Horror Novelists Reveal the Scariest Stories They have Actually Read
Andrew Michael Hurley
A Chilling Tale from Shirley Jackson
I discovered this narrative some time back and it has stayed with me ever since. The named vacationers turn out to be the Allisons from New York, who occupy an identical remote lakeside house each year. This time, instead of going back to the city, they choose to extend their holiday an extra month – something that seems to unsettle everyone in the adjacent village. Each repeats an identical cryptic advice that not a soul has remained in the area after the end of summer. Even so, the couple insist to not leave, and that is the moment things start to grow more bizarre. The individual who supplies the kerosene won’t sell to the couple. Nobody agrees to bring supplies to the cottage, and when the Allisons try to travel to the community, the automobile refuses to operate. A storm gathers, the batteries in the radio fade, and as darkness falls, “the two old people huddled together within their rental and anticipated”. What might be they expecting? What could the townspeople understand? Every time I read the writer’s unnerving and influential narrative, I remember that the finest fright stems from what’s left undisclosed.
An Acclaimed Writer
Ringing the Changes from Robert Aickman
In this brief tale a pair go to an ordinary coastal village in which chimes sound the whole time, a perpetual pealing that is irritating and puzzling. The first truly frightening moment occurs during the evening, when they decide to walk around and they are unable to locate the sea. The beach is there, there’s the smell of decaying seafood and salt, surf is audible, but the sea appears spectral, or something else and more dreadful. It is truly profoundly ominous and every time I visit to the shore in the evening I recall this tale which spoiled the ocean after dark to my mind – positively.
The recent spouses – the wife is youthful, he’s not – head back to the hotel and learn the reason for the chiming, in a long sequence of claustrophobia, macabre revelry and demise and innocence meets danse macabre chaos. It is a disturbing meditation on desire and decline, a pair of individuals maturing in tandem as partners, the bond and aggression and tenderness of marriage.
Not merely the scariest, but probably among the finest brief tales available, and a beloved choice. I read it in the Spanish language, in the first edition of these tales to be released in this country several years back.
A Prominent Novelist
Zombie by an esteemed writer
I read Zombie by a pool in France recently. Even with the bright weather I experienced a chill through me. I also felt the excitement of excitement. I was working on my latest book, and I encountered a wall. I didn’t know if there was an effective approach to craft some of the fearful things the book contains. Experiencing this novel, I realized that it was possible.

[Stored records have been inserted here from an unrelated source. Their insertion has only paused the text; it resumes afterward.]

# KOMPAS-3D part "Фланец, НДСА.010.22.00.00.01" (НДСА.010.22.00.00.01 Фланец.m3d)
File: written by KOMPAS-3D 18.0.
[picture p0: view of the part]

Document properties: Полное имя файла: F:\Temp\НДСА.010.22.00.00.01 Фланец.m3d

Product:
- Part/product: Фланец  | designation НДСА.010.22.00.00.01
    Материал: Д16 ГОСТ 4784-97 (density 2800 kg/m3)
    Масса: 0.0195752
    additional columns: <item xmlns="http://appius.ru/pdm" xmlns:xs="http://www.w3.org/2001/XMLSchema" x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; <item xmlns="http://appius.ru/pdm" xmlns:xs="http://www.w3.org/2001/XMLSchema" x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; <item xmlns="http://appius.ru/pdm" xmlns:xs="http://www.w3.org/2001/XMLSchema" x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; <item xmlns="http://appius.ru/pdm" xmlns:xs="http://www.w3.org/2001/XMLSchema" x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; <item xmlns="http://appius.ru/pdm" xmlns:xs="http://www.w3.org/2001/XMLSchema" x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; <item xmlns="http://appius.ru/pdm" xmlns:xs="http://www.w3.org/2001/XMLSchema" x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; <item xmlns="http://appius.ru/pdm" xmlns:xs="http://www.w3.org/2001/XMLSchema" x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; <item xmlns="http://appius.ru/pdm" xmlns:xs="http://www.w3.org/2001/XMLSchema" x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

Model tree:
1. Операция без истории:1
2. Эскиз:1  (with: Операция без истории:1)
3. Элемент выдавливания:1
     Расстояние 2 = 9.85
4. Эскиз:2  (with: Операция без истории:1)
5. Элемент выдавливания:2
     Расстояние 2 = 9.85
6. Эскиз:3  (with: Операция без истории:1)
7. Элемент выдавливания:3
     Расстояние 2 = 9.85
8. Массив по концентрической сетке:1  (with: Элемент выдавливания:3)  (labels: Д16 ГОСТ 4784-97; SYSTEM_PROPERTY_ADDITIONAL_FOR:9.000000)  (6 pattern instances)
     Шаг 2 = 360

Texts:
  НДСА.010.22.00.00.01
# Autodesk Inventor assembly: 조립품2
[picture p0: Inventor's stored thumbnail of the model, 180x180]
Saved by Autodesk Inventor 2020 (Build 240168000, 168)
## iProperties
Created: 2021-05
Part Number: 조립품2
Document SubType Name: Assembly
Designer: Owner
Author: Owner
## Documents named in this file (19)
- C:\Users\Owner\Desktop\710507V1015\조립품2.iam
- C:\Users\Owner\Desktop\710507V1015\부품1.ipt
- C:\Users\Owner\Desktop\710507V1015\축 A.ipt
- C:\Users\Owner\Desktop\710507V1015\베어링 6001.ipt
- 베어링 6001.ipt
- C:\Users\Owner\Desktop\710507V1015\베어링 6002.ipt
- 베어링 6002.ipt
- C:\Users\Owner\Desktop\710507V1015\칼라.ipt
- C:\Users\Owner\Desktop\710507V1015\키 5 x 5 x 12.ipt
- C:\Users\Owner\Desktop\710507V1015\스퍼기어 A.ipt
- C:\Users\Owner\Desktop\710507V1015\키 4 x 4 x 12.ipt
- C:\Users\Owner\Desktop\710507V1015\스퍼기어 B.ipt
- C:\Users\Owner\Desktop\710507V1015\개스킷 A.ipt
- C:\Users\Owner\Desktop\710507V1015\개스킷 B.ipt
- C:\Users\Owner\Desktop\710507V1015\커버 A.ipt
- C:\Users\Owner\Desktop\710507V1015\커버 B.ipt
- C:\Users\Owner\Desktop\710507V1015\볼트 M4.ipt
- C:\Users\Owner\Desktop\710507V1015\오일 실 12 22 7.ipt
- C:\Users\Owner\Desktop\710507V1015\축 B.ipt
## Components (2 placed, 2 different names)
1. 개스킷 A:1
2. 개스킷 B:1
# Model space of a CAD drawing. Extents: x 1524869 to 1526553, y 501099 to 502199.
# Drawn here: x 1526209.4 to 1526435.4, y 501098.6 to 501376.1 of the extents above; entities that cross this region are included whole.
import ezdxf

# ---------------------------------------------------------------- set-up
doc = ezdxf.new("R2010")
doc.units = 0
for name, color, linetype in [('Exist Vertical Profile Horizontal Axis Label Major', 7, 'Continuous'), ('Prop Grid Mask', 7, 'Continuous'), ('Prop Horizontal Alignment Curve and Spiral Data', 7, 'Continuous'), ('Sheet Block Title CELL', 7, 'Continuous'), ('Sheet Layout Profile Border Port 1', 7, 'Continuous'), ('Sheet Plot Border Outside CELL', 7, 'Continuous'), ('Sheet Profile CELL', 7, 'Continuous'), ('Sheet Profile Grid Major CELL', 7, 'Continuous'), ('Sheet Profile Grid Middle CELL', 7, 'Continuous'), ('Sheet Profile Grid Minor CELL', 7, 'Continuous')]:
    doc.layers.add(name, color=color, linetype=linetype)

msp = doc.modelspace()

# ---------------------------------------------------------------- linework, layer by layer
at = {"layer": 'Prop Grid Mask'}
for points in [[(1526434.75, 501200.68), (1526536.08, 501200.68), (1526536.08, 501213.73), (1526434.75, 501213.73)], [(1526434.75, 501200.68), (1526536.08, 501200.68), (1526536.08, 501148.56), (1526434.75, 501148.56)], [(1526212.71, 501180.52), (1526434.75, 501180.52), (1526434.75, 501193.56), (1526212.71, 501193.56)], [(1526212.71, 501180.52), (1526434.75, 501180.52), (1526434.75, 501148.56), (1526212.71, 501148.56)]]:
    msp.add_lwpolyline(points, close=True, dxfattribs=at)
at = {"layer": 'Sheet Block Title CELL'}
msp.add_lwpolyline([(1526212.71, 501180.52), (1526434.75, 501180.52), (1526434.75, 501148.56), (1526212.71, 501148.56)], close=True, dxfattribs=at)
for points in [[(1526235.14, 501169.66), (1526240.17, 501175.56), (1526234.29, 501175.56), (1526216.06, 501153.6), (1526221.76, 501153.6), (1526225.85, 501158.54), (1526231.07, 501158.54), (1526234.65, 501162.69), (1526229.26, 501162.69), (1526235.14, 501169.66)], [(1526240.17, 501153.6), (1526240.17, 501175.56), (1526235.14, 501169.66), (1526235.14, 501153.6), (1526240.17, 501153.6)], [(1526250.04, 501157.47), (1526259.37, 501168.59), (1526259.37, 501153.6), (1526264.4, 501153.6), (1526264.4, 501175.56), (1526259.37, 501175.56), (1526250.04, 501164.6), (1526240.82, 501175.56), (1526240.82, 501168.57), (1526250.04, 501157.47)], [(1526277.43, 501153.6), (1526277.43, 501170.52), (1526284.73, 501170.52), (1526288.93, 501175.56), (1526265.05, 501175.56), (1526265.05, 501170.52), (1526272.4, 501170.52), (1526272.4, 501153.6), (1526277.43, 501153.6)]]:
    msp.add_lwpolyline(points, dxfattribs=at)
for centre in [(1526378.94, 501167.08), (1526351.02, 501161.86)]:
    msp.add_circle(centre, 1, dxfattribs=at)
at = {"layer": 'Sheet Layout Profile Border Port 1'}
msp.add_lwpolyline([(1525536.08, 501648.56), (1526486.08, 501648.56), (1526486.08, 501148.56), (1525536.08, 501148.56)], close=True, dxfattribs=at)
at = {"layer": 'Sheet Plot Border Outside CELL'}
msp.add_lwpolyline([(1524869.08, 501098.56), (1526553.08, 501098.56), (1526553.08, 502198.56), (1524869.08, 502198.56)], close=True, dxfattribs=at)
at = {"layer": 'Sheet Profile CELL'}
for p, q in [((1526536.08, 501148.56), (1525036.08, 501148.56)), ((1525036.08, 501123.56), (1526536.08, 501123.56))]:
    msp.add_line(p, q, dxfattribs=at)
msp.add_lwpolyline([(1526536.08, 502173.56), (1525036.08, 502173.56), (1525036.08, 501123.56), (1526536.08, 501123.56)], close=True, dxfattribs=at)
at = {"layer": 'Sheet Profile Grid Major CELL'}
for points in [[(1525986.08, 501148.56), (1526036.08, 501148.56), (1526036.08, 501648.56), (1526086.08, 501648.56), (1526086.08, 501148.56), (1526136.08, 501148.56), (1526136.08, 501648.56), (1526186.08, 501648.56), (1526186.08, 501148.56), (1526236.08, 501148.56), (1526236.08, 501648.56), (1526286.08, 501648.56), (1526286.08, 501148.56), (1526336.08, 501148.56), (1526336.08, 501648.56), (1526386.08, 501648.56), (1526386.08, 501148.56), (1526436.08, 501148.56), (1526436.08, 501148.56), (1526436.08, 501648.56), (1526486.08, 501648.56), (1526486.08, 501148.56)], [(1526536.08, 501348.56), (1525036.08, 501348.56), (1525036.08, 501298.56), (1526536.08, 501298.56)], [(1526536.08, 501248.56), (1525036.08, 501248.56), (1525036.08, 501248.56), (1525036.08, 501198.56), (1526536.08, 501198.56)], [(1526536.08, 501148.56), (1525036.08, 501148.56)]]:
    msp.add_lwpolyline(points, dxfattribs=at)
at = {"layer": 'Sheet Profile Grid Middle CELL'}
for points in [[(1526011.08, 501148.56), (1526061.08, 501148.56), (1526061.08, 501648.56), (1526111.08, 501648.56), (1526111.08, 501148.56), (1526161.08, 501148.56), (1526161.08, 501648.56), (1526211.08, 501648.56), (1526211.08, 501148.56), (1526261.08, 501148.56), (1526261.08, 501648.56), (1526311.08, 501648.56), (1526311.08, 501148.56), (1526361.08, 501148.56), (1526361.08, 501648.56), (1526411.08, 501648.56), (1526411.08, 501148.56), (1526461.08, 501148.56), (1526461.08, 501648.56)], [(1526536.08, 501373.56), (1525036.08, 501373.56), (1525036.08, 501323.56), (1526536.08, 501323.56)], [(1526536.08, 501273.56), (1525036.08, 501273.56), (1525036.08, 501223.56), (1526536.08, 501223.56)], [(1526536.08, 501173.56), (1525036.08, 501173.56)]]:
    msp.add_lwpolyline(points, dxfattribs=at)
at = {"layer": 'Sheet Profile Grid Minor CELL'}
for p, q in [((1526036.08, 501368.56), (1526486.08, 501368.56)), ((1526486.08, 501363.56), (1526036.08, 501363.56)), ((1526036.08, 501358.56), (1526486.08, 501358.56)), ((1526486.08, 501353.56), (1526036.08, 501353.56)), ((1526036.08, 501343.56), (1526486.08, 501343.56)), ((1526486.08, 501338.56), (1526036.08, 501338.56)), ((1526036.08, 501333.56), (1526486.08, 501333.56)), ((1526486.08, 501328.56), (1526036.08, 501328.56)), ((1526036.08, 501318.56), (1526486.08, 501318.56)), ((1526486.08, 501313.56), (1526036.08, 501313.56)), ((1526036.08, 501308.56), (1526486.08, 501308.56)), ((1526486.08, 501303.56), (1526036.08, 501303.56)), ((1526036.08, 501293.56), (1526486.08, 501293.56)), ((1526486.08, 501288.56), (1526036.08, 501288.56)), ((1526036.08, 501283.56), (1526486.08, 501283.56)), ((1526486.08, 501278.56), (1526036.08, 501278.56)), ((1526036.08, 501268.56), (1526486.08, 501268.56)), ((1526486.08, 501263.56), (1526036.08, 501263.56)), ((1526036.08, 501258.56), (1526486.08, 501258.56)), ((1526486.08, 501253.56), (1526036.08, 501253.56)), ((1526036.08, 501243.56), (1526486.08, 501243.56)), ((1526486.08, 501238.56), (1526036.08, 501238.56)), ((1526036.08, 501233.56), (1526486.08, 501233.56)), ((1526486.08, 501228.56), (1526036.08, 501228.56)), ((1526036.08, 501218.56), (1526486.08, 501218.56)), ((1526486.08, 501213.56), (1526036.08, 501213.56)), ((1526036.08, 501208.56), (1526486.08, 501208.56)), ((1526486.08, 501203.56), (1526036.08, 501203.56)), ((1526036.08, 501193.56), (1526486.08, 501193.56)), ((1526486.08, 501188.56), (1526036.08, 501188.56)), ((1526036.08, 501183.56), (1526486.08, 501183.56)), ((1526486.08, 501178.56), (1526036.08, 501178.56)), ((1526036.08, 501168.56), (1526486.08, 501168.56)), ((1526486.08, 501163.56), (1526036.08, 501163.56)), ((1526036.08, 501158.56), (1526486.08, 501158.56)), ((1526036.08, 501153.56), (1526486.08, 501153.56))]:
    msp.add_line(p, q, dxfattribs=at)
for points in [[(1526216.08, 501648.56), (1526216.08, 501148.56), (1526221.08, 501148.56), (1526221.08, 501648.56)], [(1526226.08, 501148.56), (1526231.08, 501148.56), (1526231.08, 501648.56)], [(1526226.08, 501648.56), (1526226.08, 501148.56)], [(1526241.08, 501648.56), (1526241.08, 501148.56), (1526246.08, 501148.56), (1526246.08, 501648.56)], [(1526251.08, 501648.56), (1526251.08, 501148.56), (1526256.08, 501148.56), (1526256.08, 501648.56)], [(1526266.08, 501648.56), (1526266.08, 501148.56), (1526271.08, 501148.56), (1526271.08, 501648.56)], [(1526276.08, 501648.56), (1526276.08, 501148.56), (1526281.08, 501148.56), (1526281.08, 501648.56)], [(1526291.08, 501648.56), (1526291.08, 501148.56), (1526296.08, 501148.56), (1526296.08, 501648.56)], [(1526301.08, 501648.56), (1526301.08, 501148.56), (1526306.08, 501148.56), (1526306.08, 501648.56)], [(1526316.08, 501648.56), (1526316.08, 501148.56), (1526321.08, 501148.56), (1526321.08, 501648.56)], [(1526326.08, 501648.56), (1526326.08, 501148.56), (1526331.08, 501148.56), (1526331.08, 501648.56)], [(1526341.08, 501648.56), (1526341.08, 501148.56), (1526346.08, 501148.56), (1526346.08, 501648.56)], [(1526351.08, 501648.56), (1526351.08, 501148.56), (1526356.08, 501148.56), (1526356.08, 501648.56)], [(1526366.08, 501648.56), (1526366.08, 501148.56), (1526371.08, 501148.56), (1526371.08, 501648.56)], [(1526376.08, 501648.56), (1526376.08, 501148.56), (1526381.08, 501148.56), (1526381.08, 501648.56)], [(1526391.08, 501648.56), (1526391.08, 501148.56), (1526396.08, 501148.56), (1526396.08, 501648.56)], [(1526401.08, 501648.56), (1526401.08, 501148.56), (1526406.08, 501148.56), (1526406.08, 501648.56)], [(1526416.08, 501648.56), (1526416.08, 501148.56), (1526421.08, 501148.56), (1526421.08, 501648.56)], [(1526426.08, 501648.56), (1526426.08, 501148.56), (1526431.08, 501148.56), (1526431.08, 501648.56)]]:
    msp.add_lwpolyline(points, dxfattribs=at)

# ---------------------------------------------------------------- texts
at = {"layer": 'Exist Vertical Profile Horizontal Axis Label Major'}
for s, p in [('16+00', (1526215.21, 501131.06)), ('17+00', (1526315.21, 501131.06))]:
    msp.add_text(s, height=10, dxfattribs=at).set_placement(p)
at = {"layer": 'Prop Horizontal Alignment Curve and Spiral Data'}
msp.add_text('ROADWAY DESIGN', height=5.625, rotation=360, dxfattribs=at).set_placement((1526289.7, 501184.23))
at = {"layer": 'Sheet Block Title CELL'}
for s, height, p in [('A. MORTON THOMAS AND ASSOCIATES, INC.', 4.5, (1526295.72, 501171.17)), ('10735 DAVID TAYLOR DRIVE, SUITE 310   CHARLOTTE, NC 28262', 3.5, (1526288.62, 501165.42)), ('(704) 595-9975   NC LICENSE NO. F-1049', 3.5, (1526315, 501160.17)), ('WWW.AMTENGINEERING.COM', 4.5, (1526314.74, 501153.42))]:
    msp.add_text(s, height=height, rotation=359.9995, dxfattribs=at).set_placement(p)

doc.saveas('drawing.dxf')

Released decades ago, the book is a bleak exploration through the mind of a criminal, the main character, modeled after Jeffrey Dahmer, the serial killer who killed and cut apart 17 young men and boys in the Midwest over a decade. As is well-known, the killer was consumed with making a zombie sex slave that would remain with him and made many grisly attempts to achieve this.
The actions the novel describes are terrible, but equally frightening is the mental realism. The character’s terrible, fragmented world is plainly told with concise language, identities hidden. The audience is sunk deep stuck in his mind, compelled to witness mental processes and behaviors that appal. The strangeness of his psyche is like a tangible impact – or being stranded on a desolate planet. Going into this book is less like reading but a complete immersion. You are swallowed whole.
Daisy Johnson
A Haunting Novel by Helen Oyeyemi
During my youth, I was a somnambulist and eventually began experiencing nightmares. At one point, the terror involved a dream in which I was trapped inside a container and, when I woke up, I found that I had ripped a part out of the window frame, seeking to leave. That house was crumbling; when it rained heavily the downstairs hall flooded, insect eggs came down from the roof onto the bed, and on one occasion a large rat ascended the window coverings in my sister’s room.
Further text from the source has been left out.